画像処理は、画像そのものを加工・補正・変換する技術です。
一方、画像認識は、画像の内容をコンピュータが理解・判定する技術です。
例えば、監視カメラの映像から人の人数を数えるシステムを考えてみます。撮影した映像が暗かったり、ノイズが多かったりすると、AIが正しく人物を認識できない場合があります。
そこでまず、「明るさを補正する」「ノイズを除去する」「認識しやすい状態に画像を整える」といった画像処理を行います。その後、「人を検出する」「人数を数える」という画像認識を行います。
このように、実際のシステムでは画像処理と画像認識は独立した技術ではなく、組み合わせて使われるケースが多くあります。
Computer Visionとの関係
画像処理や画像認識を含む、より広い技術分野としてComputer Visionがあります。

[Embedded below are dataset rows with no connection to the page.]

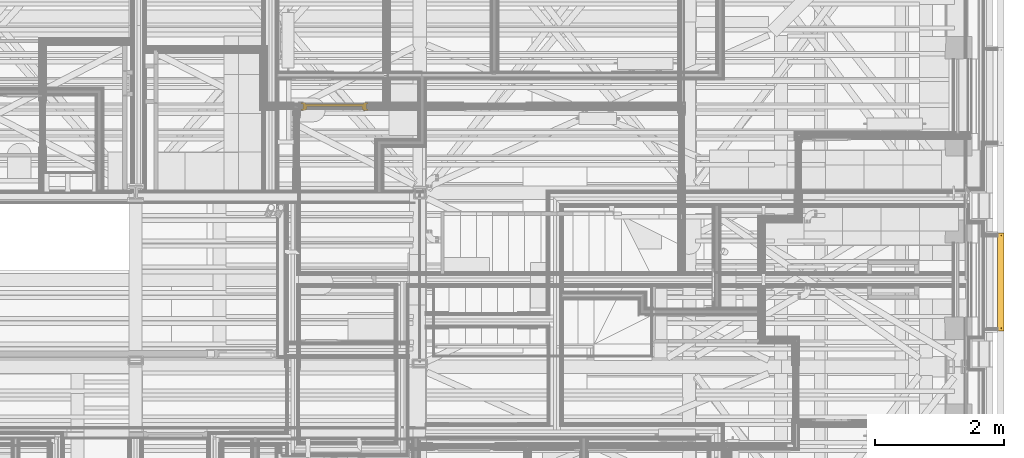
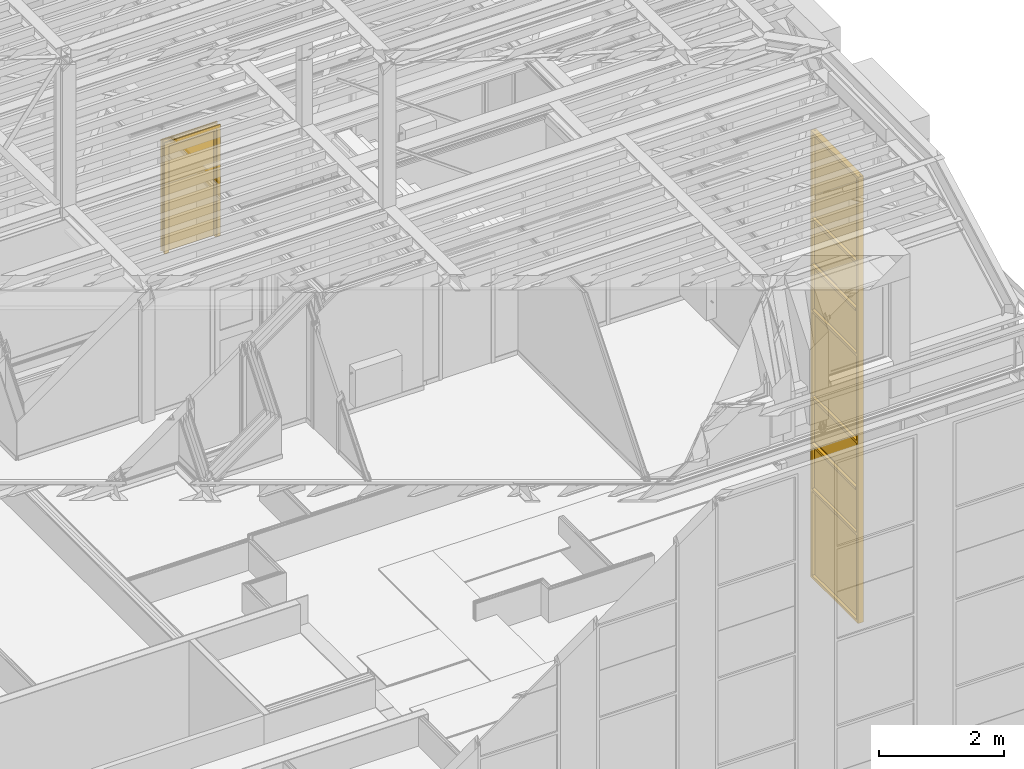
# One storey, part 146 of 183: 1 curtain wall, 1 door.
"""IFC2X3 building model written with IfcOpenShell, lengths in metres."""

from ifc_helpers import new_model, entity, si_unit, converted_unit, derived_unit, money_unit, direction, frame, origin_with_axes, place, context, subcontext, project, spatial, faceted_brep, material, type_object, element, save


model = new_model("IFC2X3")

# Units and contexts
model_context = context("Model", 3, precision=1e-05, world=origin_with_axes(), true_north=direction((0.0, 1.0)))
body_context = subcontext(model_context, "Body", "Model", "MODEL_VIEW", scale=1.0)
ifc_project = project(units=[si_unit("LENGTHUNIT", "METRE"), si_unit("AREAUNIT", "SQUARE_METRE"), si_unit("VOLUMEUNIT", "CUBIC_METRE"), si_unit("ABSORBEDDOSEUNIT", "GRAY"), si_unit("AMOUNTOFSUBSTANCEUNIT", "MOLE"), si_unit("DOSEEQUIVALENTUNIT", "SIEVERT"), si_unit("ELECTRICCAPACITANCEUNIT", "FARAD"), si_unit("ELECTRICCHARGEUNIT", "COULOMB"), si_unit("ELECTRICCONDUCTANCEUNIT", "SIEMENS"), si_unit("ELECTRICCURRENTUNIT", "AMPERE"), si_unit("ELECTRICRESISTANCEUNIT", "OHM"), si_unit("ELECTRICVOLTAGEUNIT", "VOLT"), si_unit("ENERGYUNIT", "JOULE"), si_unit("FORCEUNIT", "NEWTON"), si_unit("FREQUENCYUNIT", "HERTZ"), si_unit("ILLUMINANCEUNIT", "LUX"), si_unit("INDUCTANCEUNIT", "HENRY"), si_unit("LUMINOUSFLUXUNIT", "LUMEN"), si_unit("LUMINOUSINTENSITYUNIT", "CANDELA"), si_unit("MAGNETICFLUXDENSITYUNIT", "TESLA"), si_unit("MAGNETICFLUXUNIT", "WEBER"), si_unit("MASSUNIT", "GRAM"), converted_unit("PLANEANGLEUNIT", "degree", entity("IfcReal", 0.0174532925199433), si_unit("PLANEANGLEUNIT", "RADIAN"), dimensions=[0, 0, 0, 0, 0, 0, 0]), si_unit("POWERUNIT", "WATT"), si_unit("PRESSUREUNIT", "PASCAL"), si_unit("RADIOACTIVITYUNIT", "BECQUEREL"), si_unit("SOLIDANGLEUNIT", "STERADIAN"), si_unit("THERMODYNAMICTEMPERATUREUNIT", "KELVIN"), si_unit("TIMEUNIT", "SECOND"), derived_unit("ACCELERATIONUNIT", [(si_unit("LENGTHUNIT", "METRE"), 1), (si_unit("TIMEUNIT", "SECOND"), -2)]), derived_unit("ANGULARVELOCITYUNIT", [(converted_unit("PLANEANGLEUNIT", "degree", entity("IfcReal", 0.0174532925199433), si_unit("PLANEANGLEUNIT", "RADIAN"), dimensions=[0, 0, 0, 0, 0, 0, 0]), 1), (si_unit("TIMEUNIT", "SECOND"), -1)]), derived_unit("CURVATUREUNIT", [(converted_unit("PLANEANGLEUNIT", "degree", entity("IfcReal", 0.0174532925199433), si_unit("PLANEANGLEUNIT", "RADIAN"), dimensions=[0, 0, 0, 0, 0, 0, 0]), 1), (si_unit("LENGTHUNIT", "METRE"), -1)]), derived_unit("DYNAMICVISCOSITYUNIT", [(si_unit("PRESSUREUNIT", "PASCAL"), 1), (si_unit("TIMEUNIT", "SECOND"), 1)]), derived_unit("HEATFLUXDENSITYUNIT", [(si_unit("POWERUNIT", "WATT"), 1), (si_unit("LENGTHUNIT", "METRE"), -2)]), derived_unit("HEATINGVALUEUNIT", [(si_unit("ENERGYUNIT", "JOULE"), 1), (si_unit("MASSUNIT", "GRAM"), -1)]), derived_unit("INTEGERCOUNTRATEUNIT", [(si_unit("TIMEUNIT", "SECOND"), -1)]), derived_unit("IONCONCENTRATIONUNIT", [(si_unit("MASSUNIT", "GRAM"), 1), (si_unit("VOLUMEUNIT", "CUBIC_METRE"), -1)]), derived_unit("ISOTHERMALMOISTURECAPACITYUNIT", [(si_unit("VOLUMEUNIT", "CUBIC_METRE"), 1), (si_unit("MASSUNIT", "GRAM"), -1)]), derived_unit("KINEMATICVISCOSITYUNIT", [(si_unit("AREAUNIT", "SQUARE_METRE"), 1), (si_unit("TIMEUNIT", "SECOND"), -1)]), derived_unit("LINEARFORCEUNIT", [(si_unit("FORCEUNIT", "NEWTON"), 1), (si_unit("LENGTHUNIT", "METRE"), -1)]), derived_unit("LINEARMOMENTUNIT", [(si_unit("FORCEUNIT", "NEWTON"), 1), (si_unit("LENGTHUNIT", "METRE"), -1)]), derived_unit("LINEARSTIFFNESSUNIT", [(si_unit("FORCEUNIT", "NEWTON"), 1), (si_unit("LENGTHUNIT", "METRE"), -1)]), derived_unit("LINEARVELOCITYUNIT", [(si_unit("LENGTHUNIT", "METRE"), 1), (si_unit("TIMEUNIT", "SECOND"), -1)]), derived_unit("LUMINOUSINTENSITYDISTRIBUTIONUNIT", [(si_unit("LUMINOUSINTENSITYUNIT", "CANDELA"), 1), (si_unit("LUMINOUSFLUXUNIT", "LUMEN"), -1)]), derived_unit("MASSDENSITYUNIT", [(si_unit("MASSUNIT", "GRAM"), 1), (si_unit("VOLUMEUNIT", "CUBIC_METRE"), -1)]), derived_unit("MASSFLOWRATEUNIT", [(si_unit("MASSUNIT", "GRAM"), 1), (si_unit("TIMEUNIT", "SECOND"), -1)]), derived_unit("MASSPERLENGTHUNIT", [(si_unit("MASSUNIT", "GRAM"), 1), (si_unit("LENGTHUNIT", "METRE"), -1)]), derived_unit("MODULUSOFELASTICITYUNIT", [(si_unit("FORCEUNIT", "NEWTON"), 1), (si_unit("AREAUNIT", "SQUARE_METRE"), -1)]), derived_unit("MODULUSOFLINEARSUBGRADEREACTIONUNIT", [(si_unit("FORCEUNIT", "NEWTON"), 1), (si_unit("LENGTHUNIT", "METRE"), -2)]), derived_unit("MODULUSOFROTATIONALSUBGRADEREACTIONUNIT", [(si_unit("FORCEUNIT", "NEWTON"), 1), (si_unit("LENGTHUNIT", "METRE"), 1)]), derived_unit("MODULUSOFSUBGRADEREACTIONUNIT", [(si_unit("FORCEUNIT", "NEWTON"), 1), (si_unit("VOLUMEUNIT", "CUBIC_METRE"), -1)]), derived_unit("MOISTUREDIFFUSIVITYUNIT", [(si_unit("VOLUMEUNIT", "CUBIC_METRE"), 1), (si_unit("TIMEUNIT", "SECOND"), -1)]), derived_unit("MOLECULARWEIGHTUNIT", [(si_unit("MASSUNIT", "GRAM"), 1), (si_unit("AMOUNTOFSUBSTANCEUNIT", "MOLE"), -1)]), derived_unit("PLANARFORCEUNIT", [(si_unit("FORCEUNIT", "NEWTON"), 1), (si_unit("LENGTHUNIT", "METRE"), -2)]), derived_unit("ROTATIONALFREQUENCYUNIT", [(si_unit("TIMEUNIT", "SECOND"), -1)]), derived_unit("ROTATIONALMASSUNIT", [(si_unit("MASSUNIT", "GRAM"), 1), (si_unit("LENGTHUNIT", "METRE"), 2)]), derived_unit("ROTATIONALSTIFFNESSUNIT", [(si_unit("FORCEUNIT", "NEWTON"), 1), (si_unit("LENGTHUNIT", "METRE"), 1), (converted_unit("PLANEANGLEUNIT", "degree", entity("IfcReal", 0.0174532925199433), si_unit("PLANEANGLEUNIT", "RADIAN"), dimensions=[0, 0, 0, 0, 0, 0, 0]), -1)]), derived_unit("SECTIONAREAINTEGRALUNIT", [(si_unit("LENGTHUNIT", "METRE"), 5)]), derived_unit("SECTIONMODULUSUNIT", [(si_unit("LENGTHUNIT", "METRE"), 3)]), derived_unit("SHEARMODULUSUNIT", [(si_unit("FORCEUNIT", "NEWTON"), 1), (si_unit("AREAUNIT", "SQUARE_METRE"), -1)]), derived_unit("SOUNDPOWERUNIT", [(si_unit("ENERGYUNIT", "JOULE"), 1), (si_unit("TIMEUNIT", "SECOND"), -1)]), derived_unit("SPECIFICHEATCAPACITYUNIT", [(si_unit("FORCEUNIT", "NEWTON"), 1), (si_unit("MASSUNIT", "GRAM"), -1), (si_unit("THERMODYNAMICTEMPERATUREUNIT", "KELVIN"), -1)]), derived_unit("TEMPERATUREGRADIENTUNIT", [(si_unit("THERMODYNAMICTEMPERATUREUNIT", "KELVIN"), 1), (si_unit("LENGTHUNIT", "METRE"), -1)]), derived_unit("THERMALADMITTANCEUNIT", [(si_unit("POWERUNIT", "WATT"), 1), (si_unit("AREAUNIT", "SQUARE_METRE"), -1), (si_unit("THERMODYNAMICTEMPERATUREUNIT", "KELVIN"), -1)]), derived_unit("THERMALCONDUCTANCEUNIT", [(si_unit("POWERUNIT", "WATT"), 1), (si_unit("LENGTHUNIT", "METRE"), -1), (si_unit("THERMODYNAMICTEMPERATUREUNIT", "KELVIN"), -1)]), derived_unit("THERMALEXPANSIONCOEFFICIENTUNIT", [(si_unit("THERMODYNAMICTEMPERATUREUNIT", "KELVIN"), -1)]), derived_unit("THERMALRESISTANCEUNIT", [(si_unit("AREAUNIT", "SQUARE_METRE"), 1), (si_unit("POWERUNIT", "WATT"), -1)]), derived_unit("THERMALTRANSMITTANCEUNIT", [(si_unit("POWERUNIT", "WATT"), 1), (si_unit("AREAUNIT", "SQUARE_METRE"), -1), (si_unit("THERMODYNAMICTEMPERATUREUNIT", "KELVIN"), -1)]), derived_unit("TORQUEUNIT", [(si_unit("FORCEUNIT", "NEWTON"), 1), (si_unit("LENGTHUNIT", "METRE"), 1)]), derived_unit("VAPORPERMEABILITYUNIT", [(si_unit("MASSUNIT", "GRAM"), 1), (si_unit("TIMEUNIT", "SECOND"), -1)]), derived_unit("VOLUMETRICFLOWRATEUNIT", [(si_unit("VOLUMEUNIT", "CUBIC_METRE"), 1), (si_unit("TIMEUNIT", "SECOND"), -1)]), derived_unit("WARPINGCONSTANTUNIT", [(si_unit("LENGTHUNIT", "METRE"), 6)]), derived_unit("WARPINGMOMENTUNIT", [(si_unit("FORCEUNIT", "NEWTON"), 1), (si_unit("LENGTHUNIT", "METRE"), 2)]), money_unit("GBP")], contexts=[model_context])

# Site, building, storey
site_placement = place(None, origin_with_axes())
site = spatial("IfcSite", under=ifc_project, at=site_placement, Name="Site", CompositionType="ELEMENT")
building_placement = place(site_placement, origin_with_axes())
building = spatial("IfcBuilding", under=site, at=building_placement, Name="Building01", CompositionType="ELEMENT")
storey_placement = place(building_placement, frame((0.0, 0.0, 5.15), z_axis=(0.0, 0.0, 1.0), x_axis=(1.0, 0.0, 0.0)))
storey = spatial("IfcBuildingStorey", under=building, at=storey_placement, Name="1F", CompositionType="ELEMENT", Elevation=5.15)

# Curtain wall
ifc_material_1 = material(Name="A-CurtainWall_Frame")
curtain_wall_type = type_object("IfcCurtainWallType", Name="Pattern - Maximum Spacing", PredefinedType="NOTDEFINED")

Computer Visionは、コンピュータが画像や映像から情報を取得し、現実世界の状態を理解するための技術領域です。
その中には、
- 画像処理
- 画像認識
- 物体検出
- セグメンテーション
- トラッキング
- 3次元認識
- 映像解析
など、さまざまな技術が含まれます。
つまり、画像処理や画像認識はComputer Visionを構成する重要な要素の一つと考えることができます。
実際の開発では「AIだけ」では完結しない
画像認識システムというと、AIモデルの精度だけが注目されがちです。しかし実際の開発では、AIモデル以外の要素も認識精度やシステム品質に大きく影響します。
例えば、
- カメラの選定
- レンズ
- 撮影距離
- 光の状態
- 露出
- ホワイトバランス
- フォーカス
- 画像補正
- AIモデル
- エッジデバイス
- 通信
- システム全体の設計
など、多くの要素を総合的に考える必要があります。
高性能なAIモデルを利用しても、入力される画像の品質が低ければ期待した認識精度が得られないことがあります。
そのため、画像認識システムでは「AIモデルを選ぶこと」だけではなく、カメラから画像処理、認識、システム実装までを一体で考えることが重要です。
NeoTech Innovationが考える画像技術
NeoTech Innovationでは、画像認識だけを単独で考えるのではなく、カメラ・画像処理・Computer Vision・AIを含めたシステム全体の設計を重視しています。
画像を認識する前には、必ず「画像を取得する」という工程があります。そして、その画像の品質は、
- カメラ
- レンズ
- AE
- AWB
- AF
- ISP
- 撮影環境
などによって変化します。
そのため、画像認識の課題をAIだけの問題として捉えるのではなく、「どのような画像を入力として与えているのか」まで含めて考えることが、実際の現場では重要になります。
まとめ
画像処理と画像認識は似た言葉ですが、役割は異なります。
画像処理は、画像を補正・加工・変換し、利用しやすい状態に整える技術です。画像認識は、画像の中に何があるのか、どのような状態なのかをコンピュータが判断する技術です。
そして実際のシステムでは、この2つを組み合わせて使うことが一般的です。
AIやComputer Visionを活用したシステムを考える際には、認識モデルだけを見るのではなく、画像取得から画像処理、認識、システム実装までを一体として設計することが重要です。